One approach to automatic policy generation is to capture all kinds of benign traffic in relation to any targeted IoT devices offline [25, 24], and parse the captured traffic to generate a policy to be enforced in the deployment [25, 24]. Although this approach can generate fine-grained policies, it requires the training process to cover all possible usage of a device which is unfeasible for many IoT devices. Further, this approach doesn’t follow the principle of least privilege because it difficult to determine precisely all allowed local endpoints since some aren’t specified until deployment takes place. In view of this problem, we have developed a new technique for automatic policy generation for IoT devices based on the activities workflows provided by the users at the deployment.
We base our technique around the concept of workflow that doesn’t specify which device to use. Workflows are common way to build and share automated activities in IoT automation platforms such as NodeRed [4], Stringify [5], and Microsoft flow [7]. Users are not always interested in manually specifying all the devices to be used for any activity. They are more interested in describing the required functionalities in an abstract way, for example, in the form of a flow of functions. However, currently a workflow is often tied to the underlying devices [26, 27, 28, 4, 5], such that a user can’t use any pre-defined workflows unless he/she has exactly the same collection of devices specified in the flow [4, 5]. However, s/he may have alternative devices that can be used to accomplish the same activity.

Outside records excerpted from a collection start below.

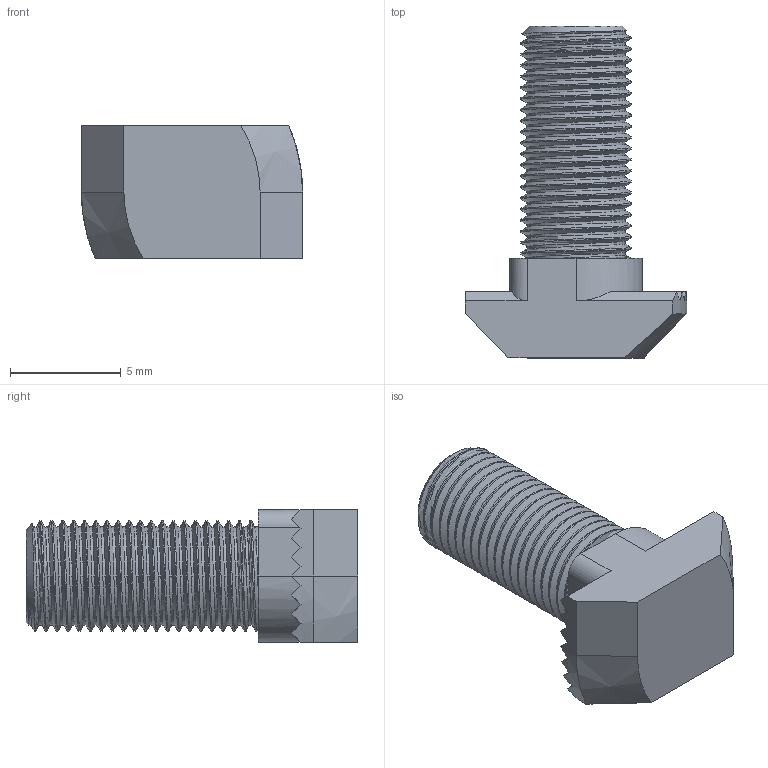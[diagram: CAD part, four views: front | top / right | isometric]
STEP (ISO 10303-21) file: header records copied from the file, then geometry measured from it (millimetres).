
FILE_DESCRIPTION(/* description */ ('STEP AP214'),/* implementation_level */ '2;1');
FILE_NAME(/* name */ 'Drop In Bolt - TV-Slot - 20 Series - M5 - 12mm.step',/* time_stamp */ '2025-09-05T04:28:38+03:00',/* author */ (''),/* organization */ (''),/* preprocessor_version */ 'ST-DEVELOPER v20.1',/* originating_system */ 'Autodesk Translation Framework v14.10.0.0',/* authorisation */ '');
FILE_SCHEMA (('AUTOMOTIVE_DESIGN { 1 0 10303 214 3 1 1 }'));
Length unit declared in the file: millimetre
Products named in the file (1): Drop In Bolt - TV-Slot - 20 Series - M5 - 12mm
Bounding box: 10 x 15 x 6 mm (x, y, z)
Volume: 375.6 mm3; surface area: 476.3 mm2
Topology: 1 solids, 1 shells, 100 faces, 281 edges, 185 vertices
Faces by surface type: cylinder 49, plane 46, cone 3, bspline 2
Full cylindrical faces by diameter (mm): 4.459 x20, 5 x19
Entity records: 10882 total; most frequent: CARTESIAN_POINT 8428, ORIENTED_EDGE 562, DIRECTION 435, EDGE_CURVE 281, VERTEX_POINT 185, AXIS2_PLACEMENT_3D 147, LINE 141, VECTOR 141

Decoupling workflow’s functions from underlying devices enables users to share and re-use many existing flows. The concept of workflow abstraction based on device function is depicted in Fig. 1. For example, instead of building a flow by selecting the devices, Brand_B alarm triggers Brand_A coffee maker, flow can be defined in an abstract way as alarm triggers coffee maker, see 1. At the deployment our proposed system can automatically select the underlying suitable devices (e.g. Brand_B alarm and Brand_A coffee maker) based on the flow requirements and user preference. Hence, users can focus on what the activity function rather than the device selection which can be tidies task in large IoT network.
Further supported by a user preference model, our proposed approach can automatically select the suitable alarm and coffee maker to use from multiple alternative devices by maximising user preferences. In the context of IoT, user preferences might capture concerns related to security, privacy or even perceptions of quality. For example, users may prefer to use devices for a sensitive function such as audio recording due to the security reputation of their manufacturer. Other factors that may derive users’ preference are how good or bad a manufacturer’s privacy agreement and the quality of the device, for example, the flavor of coffee made by coffee makers. Hence while selecting devices with respect to any workflow, users preferences must always be treated with priority.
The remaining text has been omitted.